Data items
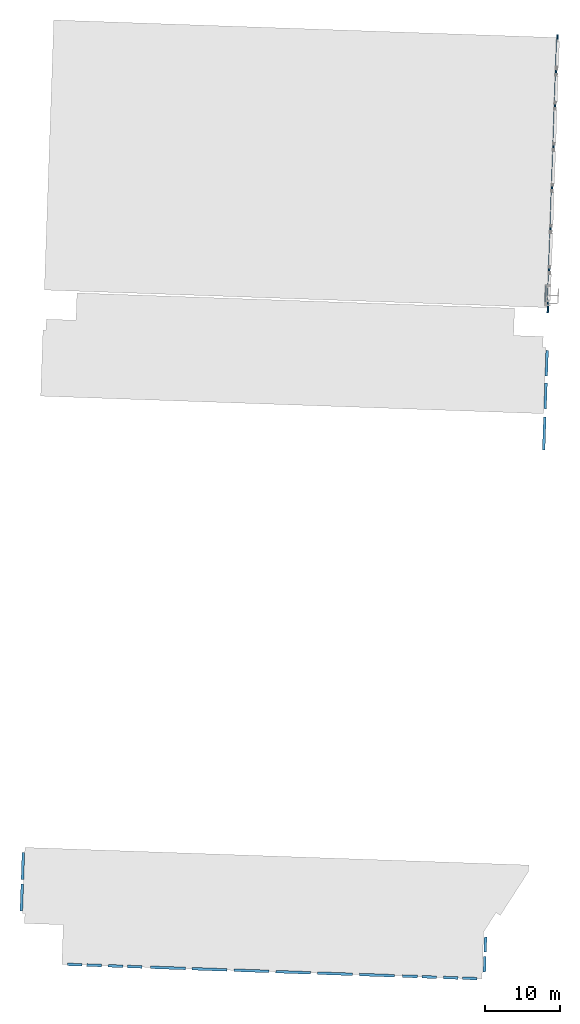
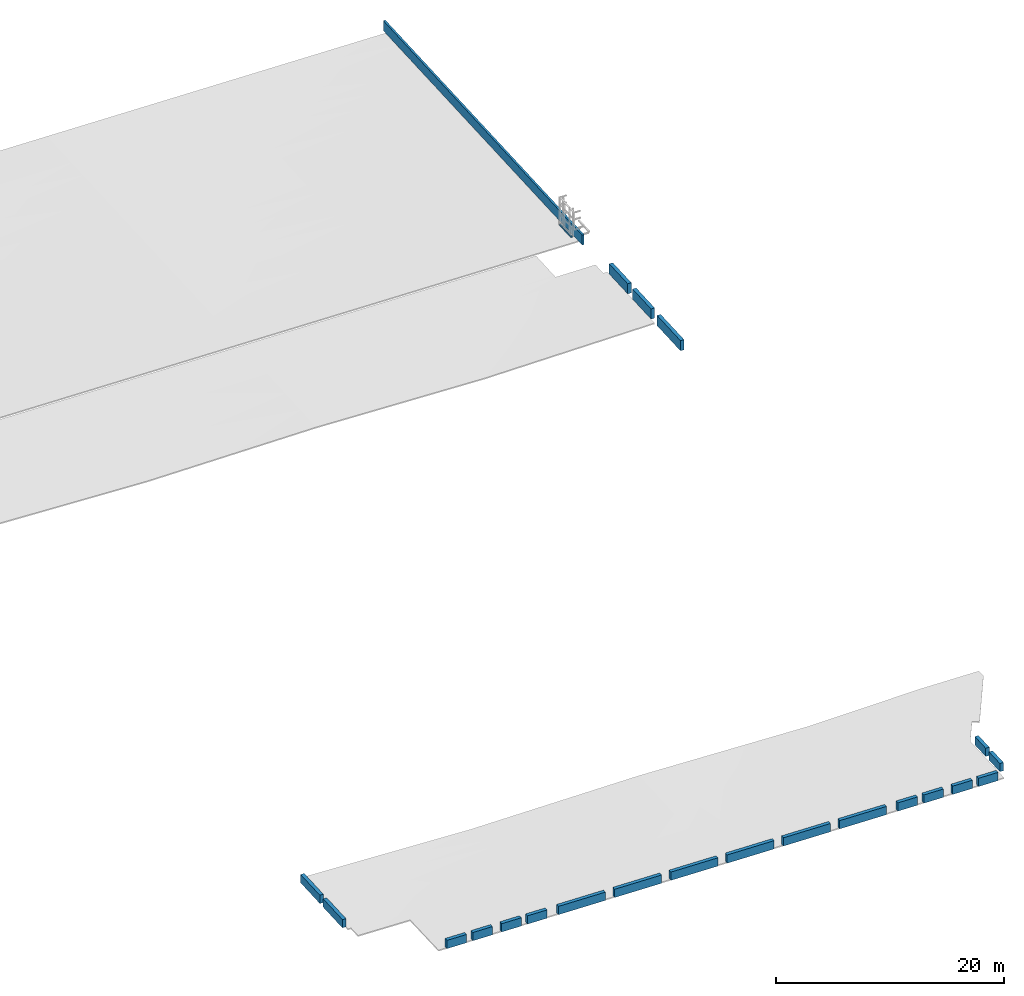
# One storey, part 5 of 8: 23 walls.
"""IFC2X3 building model written with IfcOpenShell, lengths in feet."""

from ifc_helpers import new_model, entity, si_unit, converted_unit, derived_unit, direction, frame, frame_2d, origin, place, context, subcontext, project, spatial, rectangle, extrude, material, layer, layer_set, layer_usage, type_object, element, save


model = new_model("IFC2X3")

# Units and contexts
model_context = context("Model", 3, precision=0.0001, world=origin(), true_north=direction((0.999390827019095, 0.0348994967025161)))
body_context = subcontext(model_context, "Body", "Model", "MODEL_VIEW")
ifc_project = project(units=[converted_unit("LENGTHUNIT", "FOOT", entity("IfcRatioMeasure", 0.3048), si_unit("LENGTHUNIT", "METRE"), dimensions=[1, 0, 0, 0, 0, 0, 0]), converted_unit("AREAUNIT", "SQUARE FOOT", entity("IfcRatioMeasure", 0.09290304), si_unit("AREAUNIT", "SQUARE_METRE"), dimensions=[2, 0, 0, 0, 0, 0, 0]), converted_unit("VOLUMEUNIT", "CUBIC FOOT", entity("IfcRatioMeasure", 0.028316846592), si_unit("VOLUMEUNIT", "CUBIC_METRE"), dimensions=[3, 0, 0, 0, 0, 0, 0]), converted_unit("PLANEANGLEUNIT", "DEGREE", entity("IfcRatioMeasure", 0.0174532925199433), si_unit("PLANEANGLEUNIT", "RADIAN"), dimensions=[0, 0, 0, 0, 0, 0, 0]), si_unit("MASSUNIT", "GRAM", prefix="KILO"), si_unit("TIMEUNIT", "SECOND"), si_unit("FREQUENCYUNIT", "HERTZ"), si_unit("THERMODYNAMICTEMPERATUREUNIT", "DEGREE_CELSIUS"), derived_unit("THERMALTRANSMITTANCEUNIT", [(si_unit("MASSUNIT", "GRAM", prefix="KILO"), 1), (si_unit("THERMODYNAMICTEMPERATUREUNIT", "KELVIN"), -1), (si_unit("TIMEUNIT", "SECOND"), -3)]), derived_unit("VOLUMETRICFLOWRATEUNIT", [(si_unit("LENGTHUNIT", "METRE"), 3), (si_unit("TIMEUNIT", "SECOND"), -1)]), si_unit("ELECTRICCURRENTUNIT", "AMPERE"), si_unit("ELECTRICVOLTAGEUNIT", "VOLT"), si_unit("POWERUNIT", "WATT"), si_unit("FORCEUNIT", "NEWTON"), si_unit("ILLUMINANCEUNIT", "LUX"), si_unit("LUMINOUSFLUXUNIT", "LUMEN"), si_unit("LUMINOUSINTENSITYUNIT", "CANDELA"), derived_unit("USERDEFINED", [(si_unit("MASSUNIT", "GRAM", prefix="KILO"), -1), (si_unit("LENGTHUNIT", "METRE"), -2), (si_unit("TIMEUNIT", "SECOND"), 3), (si_unit("LUMINOUSFLUXUNIT", "LUMEN"), 1)]), derived_unit("LINEARVELOCITYUNIT", [(si_unit("LENGTHUNIT", "METRE"), 1), (si_unit("TIMEUNIT", "SECOND"), -1)]), si_unit("PRESSUREUNIT", "PASCAL"), derived_unit("USERDEFINED", [(si_unit("LENGTHUNIT", "METRE"), -2), (si_unit("MASSUNIT", "GRAM", prefix="KILO"), 1), (si_unit("TIMEUNIT", "SECOND"), -2)])], contexts=[model_context])

# Site, building, storey
site_placement = place(None, frame((892.518771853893, 322.38689265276, 0.00393700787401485), z_axis=(0.0, 0.0, 1.0), x_axis=(0.0348994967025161, 0.999390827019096, 0.0)))
site = spatial("IfcSite", under=ifc_project, at=site_placement, Name="Default", CompositionType="ELEMENT")
building_placement = place(site_placement, origin())
building = spatial("IfcBuilding", under=site, at=building_placement, CompositionType="ELEMENT")
storey_placement = place(building_placement, frame((0.0, 0.0, 607.0)))
storey = spatial("IfcBuildingStorey", under=building, at=storey_placement, Name="Existing Garage - Roof Level", CompositionType="ELEMENT", Elevation=607.0)

# Walls
ifc_material_1 = material(Name="Masonry - Brick")
ifc_layer_1 = layer(ifc_material_1, 0.302083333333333)
ifc_material_2 = material(Name="Misc. Air Layers - Air Space")
ifc_layer_2 = layer(ifc_material_2, 0.197916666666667)
ifc_material_3 = material(Name="Concrete - Cast-in-Place Concrete_hatch surface")
ifc_layer_3 = layer(ifc_material_3, 0.666666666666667)
ifc_layer_set_1 = layer_set([ifc_layer_1, ifc_layer_2, ifc_layer_3], Name="Basic Wall:(existing)Exterior - Brick on Conc - 1'-2\"(2\" air space)")
ifc_layer_usage_1 = layer_usage(ifc_layer_set_1, "AXIS2", "POSITIVE", -0.583333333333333)
wall_type_1 = type_object("IfcWallType", Name="Basic Wall:(existing)Exterior - Brick on Conc - 1'-2\"(2\" air space)", PredefinedType="STANDARD", material=ifc_layer_set_1)
wall_1_placement = place(storey_placement, frame((74.4272968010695, 235.847286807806, 0.0)))
element("IfcWallStandardCase", 1, at=wall_1_placement, inside=storey, type_object=wall_type_1, material=ifc_layer_usage_1, Name="Basic Wall:(existing)Exterior - Brick on Conc - 1'-2\"(2\" air space)", ObjectType="Basic Wall:(existing)Exterior - Brick on Conc - 1'-2\"(2\" air space)", context=body_context, shape_type="SweptSolid", body=[
    extrude(rectangle(XDim=11.3333333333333, YDim=1.16666666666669, at=frame_2d((5.66666666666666, 0.0), x_axis=(-1.0, 0.0))), origin(), (0.0, 0.0, 1.0), 3.5625),
])
ifc_layer_usage_2 = layer_usage(ifc_layer_set_1, "AXIS2", "POSITIVE", -0.583333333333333)
wall_2_placement = place(storey_placement, frame((60.0939209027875, 235.847286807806, 0.0)))
element("IfcWallStandardCase", 2, at=wall_2_placement, inside=storey, type_object=wall_type_1, material=ifc_layer_usage_2, Name="Basic Wall:(existing)Exterior - Brick on Conc - 1'-2\"(2\" air space)", ObjectType="Basic Wall:(existing)Exterior - Brick on Conc - 1'-2\"(2\" air space)", context=body_context, shape_type="SweptSolid", body=[
    extrude(rectangle(XDim=11.333375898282, YDim=1.16666666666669, at=frame_2d((5.66668794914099, 0.0), x_axis=(-1.0, 0.0))), origin(), (0.0, 0.0, 1.0), 3.5625),
])
ifc_layer_usage_3 = layer_usage(ifc_layer_set_1, "AXIS2", "POSITIVE", -0.583333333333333)
wall_3_placement = place(storey_placement, frame((42.0939209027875, 235.847286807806, 0.0)))
element("IfcWallStandardCase", 3, at=wall_3_placement, inside=storey, type_object=wall_type_1, material=ifc_layer_usage_3, Name="Basic Wall:(existing)Exterior - Brick on Conc - 1'-2\"(2\" air space)", ObjectType="Basic Wall:(existing)Exterior - Brick on Conc - 1'-2\"(2\" air space)", context=body_context, shape_type="SweptSolid", body=[
    extrude(rectangle(XDim=14.3333333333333, YDim=1.16666666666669, at=frame_2d((7.16666666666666, 3.77475828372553e-15), x_axis=(-1.0, 0.0))), origin(), (0.0, 0.0, 1.0), 3.5625),
])
ifc_layer_usage_4 = layer_usage(ifc_layer_set_1, "AXIS2", "POSITIVE", -0.583333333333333)
wall_4_placement = place(storey_placement, frame((-187.572745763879, 253.847286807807, 0.0)))
element("IfcWallStandardCase", 4, at=wall_4_placement, inside=storey, type_object=wall_type_1, material=ifc_layer_usage_4, Name="Basic Wall:(existing)Exterior - Brick on Conc - 1'-2\"(2\" air space)", ObjectType="Basic Wall:(existing)Exterior - Brick on Conc - 1'-2\"(2\" air space)", context=body_context, shape_type="SweptSolid", body=[
    extrude(rectangle(XDim=6.66666666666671, YDim=1.16666666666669, at=frame_2d((3.33333333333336, -5.82867087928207e-15), x_axis=(-1.0, 0.0))), origin(), (0.0, 0.0, 1.0), 2.89583333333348),
])
ifc_layer_usage_5 = layer_usage(ifc_layer_set_1, "AXIS2", "POSITIVE", -0.583333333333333)
wall_5_placement = place(storey_placement, frame((-178.906079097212, 253.847286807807, 0.0)))
element("IfcWallStandardCase", 5, at=wall_5_placement, inside=storey, type_object=wall_type_1, material=ifc_layer_usage_5, Name="Basic Wall:(existing)Exterior - Brick on Conc - 1'-2\"(2\" air space)", ObjectType="Basic Wall:(existing)Exterior - Brick on Conc - 1'-2\"(2\" air space)", context=body_context, shape_type="SweptSolid", body=[
    extrude(rectangle(XDim=6.66666666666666, YDim=1.16666666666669, at=frame_2d((3.33333333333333, -5.82867087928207e-15), x_axis=(-1.0, 0.0))), origin(), (0.0, 0.0, 1.0), 2.89583333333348),
])
ifc_layer_usage_6 = layer_usage(ifc_layer_set_1, "AXIS2", "POSITIVE", -0.583333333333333)
wall_6_placement = place(storey_placement, frame((-190.656079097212, 436.597423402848, 0.0), z_axis=(0.0, 0.0, 1.0), x_axis=(0.0, -1.0, 0.0)))
element("IfcWallStandardCase", 6, at=wall_6_placement, inside=storey, type_object=wall_type_1, material=ifc_layer_usage_6, Name="Basic Wall:(existing)Exterior - Brick on Conc - 1'-2\"(2\" air space)", ObjectType="Basic Wall:(existing)Exterior - Brick on Conc - 1'-2\"(2\" air space)", context=body_context, shape_type="SweptSolid", body=[
    extrude(rectangle(XDim=6.41670081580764, YDim=1.16666666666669, at=frame_2d((3.20835040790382, -3.38618022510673e-15), x_axis=(-1.0, 0.0))), origin(), (0.0, 0.0, 1.0), 2.89583333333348),
])
ifc_layer_usage_7 = layer_usage(ifc_layer_set_1, "AXIS2", "POSITIVE", -0.583333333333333)
wall_7_placement = place(storey_placement, frame((-190.656079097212, 428.180722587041, 0.0), z_axis=(0.0, 0.0, 1.0), x_axis=(0.0, -1.0, 0.0)))
element("IfcWallStandardCase", 7, at=wall_7_placement, inside=storey, type_object=wall_type_1, material=ifc_layer_usage_7, Name="Basic Wall:(existing)Exterior - Brick on Conc - 1'-2\"(2\" air space)", ObjectType="Basic Wall:(existing)Exterior - Brick on Conc - 1'-2\"(2\" air space)", context=body_context, shape_type="SweptSolid", body=[
    extrude(rectangle(XDim=6.41670081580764, YDim=1.16666666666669, at=frame_2d((3.20835040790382, -3.38618022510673e-15), x_axis=(-1.0, 0.0))), origin(), (0.0, 0.0, 1.0), 2.89583333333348),
])
ifc_layer_usage_8 = layer_usage(ifc_layer_set_1, "AXIS2", "POSITIVE", -0.583333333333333)
wall_8_placement = place(storey_placement, frame((-190.656079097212, 418.764021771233, 0.0), z_axis=(0.0, 0.0, 1.0), x_axis=(0.0, -1.0, 0.0)))
element("IfcWallStandardCase", 8, at=wall_8_placement, inside=storey, type_object=wall_type_1, material=ifc_layer_usage_8, Name="Basic Wall:(existing)Exterior - Brick on Conc - 1'-2\"(2\" air space)", ObjectType="Basic Wall:(existing)Exterior - Brick on Conc - 1'-2\"(2\" air space)", context=body_context, shape_type="SweptSolid", body=[
    extrude(rectangle(XDim=6.41670081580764, YDim=1.16666666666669, at=frame_2d((3.20835040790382, -3.38618022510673e-15), x_axis=(-1.0, 0.0))), origin(), (0.0, 0.0, 1.0), 2.89583333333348),
])
ifc_layer_usage_9 = layer_usage(ifc_layer_set_1, "AXIS2", "POSITIVE", -0.583333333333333)
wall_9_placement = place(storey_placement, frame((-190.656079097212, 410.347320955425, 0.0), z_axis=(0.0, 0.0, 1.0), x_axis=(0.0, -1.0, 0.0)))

◆ PROBLEM STATEMENT: Return every line of the records in which the word "CompositionType" is found.

◆ SOLUTION TO THIS TASK:
site = spatial("IfcSite", under=ifc_project, at=site_placement, Name="Default", CompositionType="ELEMENT")
building = spatial("IfcBuilding", under=site, at=building_placement, CompositionType="ELEMENT")
storey = spatial("IfcBuildingStorey", under=building, at=storey_placement, Name="Existing Garage - Roof Level", CompositionType="ELEMENT", Elevation=607.0)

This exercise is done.